● ABOUT THIS EXERCISE: Working from the entries below, count every line that includes the word "type". Return the figure alone.

[[ INFORMATION GIVEN open ]]

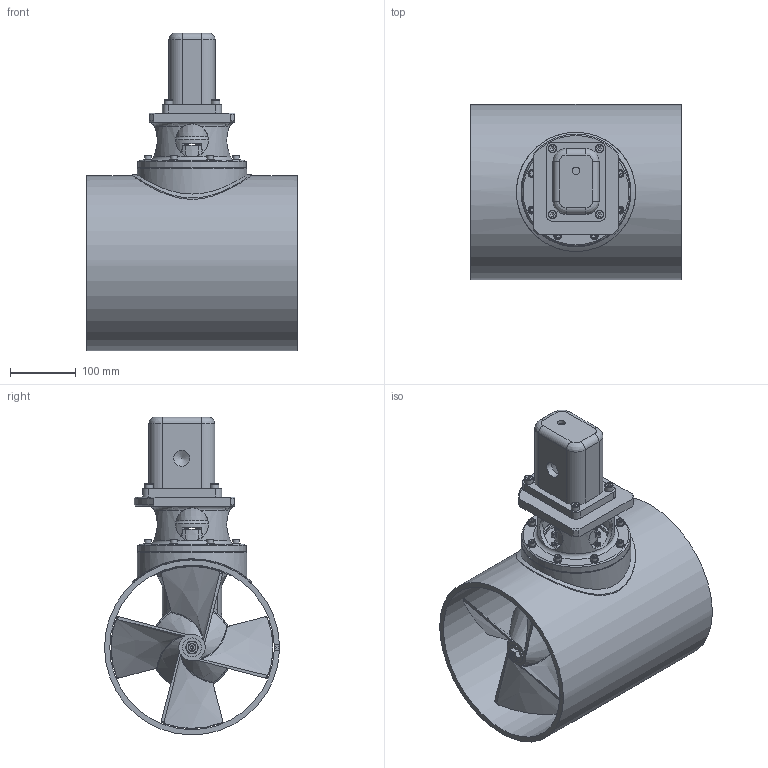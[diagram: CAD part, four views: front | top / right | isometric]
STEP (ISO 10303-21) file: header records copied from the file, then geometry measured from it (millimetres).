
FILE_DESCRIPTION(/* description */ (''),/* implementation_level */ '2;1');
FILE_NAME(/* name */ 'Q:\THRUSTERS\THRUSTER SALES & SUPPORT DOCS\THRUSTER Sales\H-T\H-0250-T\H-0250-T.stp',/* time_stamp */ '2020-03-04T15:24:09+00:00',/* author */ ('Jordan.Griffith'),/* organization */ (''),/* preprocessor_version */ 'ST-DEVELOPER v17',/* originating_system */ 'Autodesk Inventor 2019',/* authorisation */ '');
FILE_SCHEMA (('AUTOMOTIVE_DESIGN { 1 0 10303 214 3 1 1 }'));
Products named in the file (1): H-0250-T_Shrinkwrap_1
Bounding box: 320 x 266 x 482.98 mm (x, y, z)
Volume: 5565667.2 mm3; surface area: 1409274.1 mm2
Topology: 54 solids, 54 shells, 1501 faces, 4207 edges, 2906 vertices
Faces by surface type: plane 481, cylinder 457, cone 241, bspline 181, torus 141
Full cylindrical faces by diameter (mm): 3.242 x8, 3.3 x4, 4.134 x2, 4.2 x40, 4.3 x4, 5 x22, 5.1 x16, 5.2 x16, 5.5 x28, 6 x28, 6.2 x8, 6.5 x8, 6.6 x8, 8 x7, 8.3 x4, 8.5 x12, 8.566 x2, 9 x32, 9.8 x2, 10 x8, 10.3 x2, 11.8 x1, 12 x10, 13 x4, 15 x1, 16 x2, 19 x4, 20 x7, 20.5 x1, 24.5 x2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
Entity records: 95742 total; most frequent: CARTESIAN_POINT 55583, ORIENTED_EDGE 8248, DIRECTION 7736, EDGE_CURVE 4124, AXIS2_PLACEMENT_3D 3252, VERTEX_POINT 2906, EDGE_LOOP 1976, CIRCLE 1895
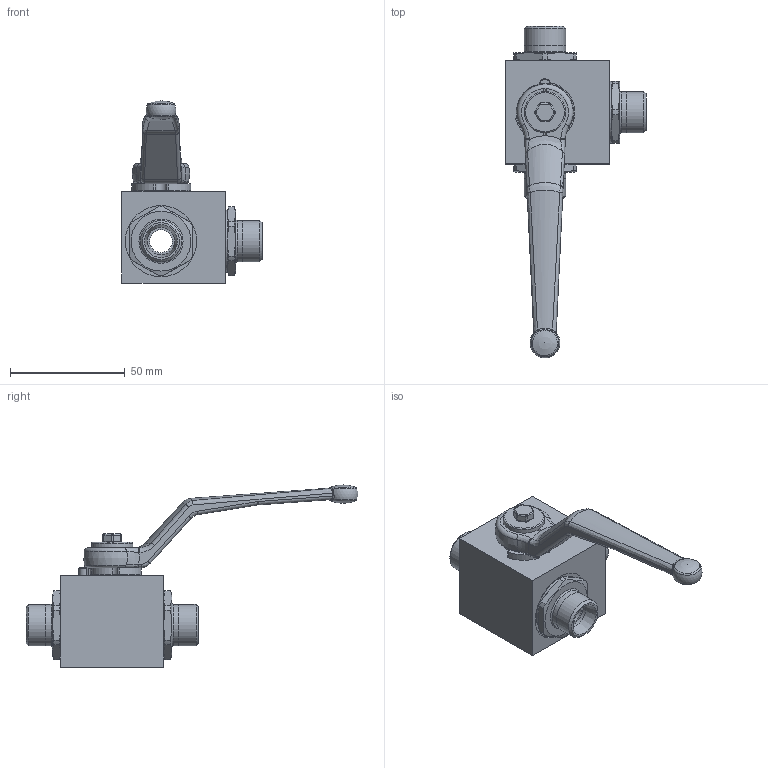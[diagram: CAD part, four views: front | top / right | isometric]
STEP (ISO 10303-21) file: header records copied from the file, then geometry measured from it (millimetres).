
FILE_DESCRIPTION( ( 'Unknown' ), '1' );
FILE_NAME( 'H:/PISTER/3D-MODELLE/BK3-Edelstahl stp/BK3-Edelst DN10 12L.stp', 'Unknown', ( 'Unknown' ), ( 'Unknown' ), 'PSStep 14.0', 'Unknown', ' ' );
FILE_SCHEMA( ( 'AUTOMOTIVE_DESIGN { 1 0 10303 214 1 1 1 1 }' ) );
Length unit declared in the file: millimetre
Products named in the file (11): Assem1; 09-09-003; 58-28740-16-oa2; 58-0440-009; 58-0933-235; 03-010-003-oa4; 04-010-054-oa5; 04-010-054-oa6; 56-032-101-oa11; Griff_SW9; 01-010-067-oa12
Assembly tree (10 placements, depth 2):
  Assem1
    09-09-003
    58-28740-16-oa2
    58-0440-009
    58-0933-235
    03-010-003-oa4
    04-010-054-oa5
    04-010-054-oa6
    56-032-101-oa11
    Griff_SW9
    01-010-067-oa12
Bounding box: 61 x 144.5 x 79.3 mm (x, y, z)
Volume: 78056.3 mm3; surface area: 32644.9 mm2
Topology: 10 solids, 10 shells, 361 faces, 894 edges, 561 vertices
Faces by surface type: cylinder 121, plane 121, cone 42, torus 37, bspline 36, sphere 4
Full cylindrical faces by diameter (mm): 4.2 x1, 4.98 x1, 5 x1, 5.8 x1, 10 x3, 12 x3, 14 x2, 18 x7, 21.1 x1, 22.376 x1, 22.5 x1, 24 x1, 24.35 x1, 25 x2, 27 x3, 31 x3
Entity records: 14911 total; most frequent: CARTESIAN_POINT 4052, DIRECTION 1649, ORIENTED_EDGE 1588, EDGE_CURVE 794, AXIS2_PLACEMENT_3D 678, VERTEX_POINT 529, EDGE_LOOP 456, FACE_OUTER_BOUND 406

[[ INFORMATION GIVEN closed ]]

● RESULT OF THE EXERCISE: 2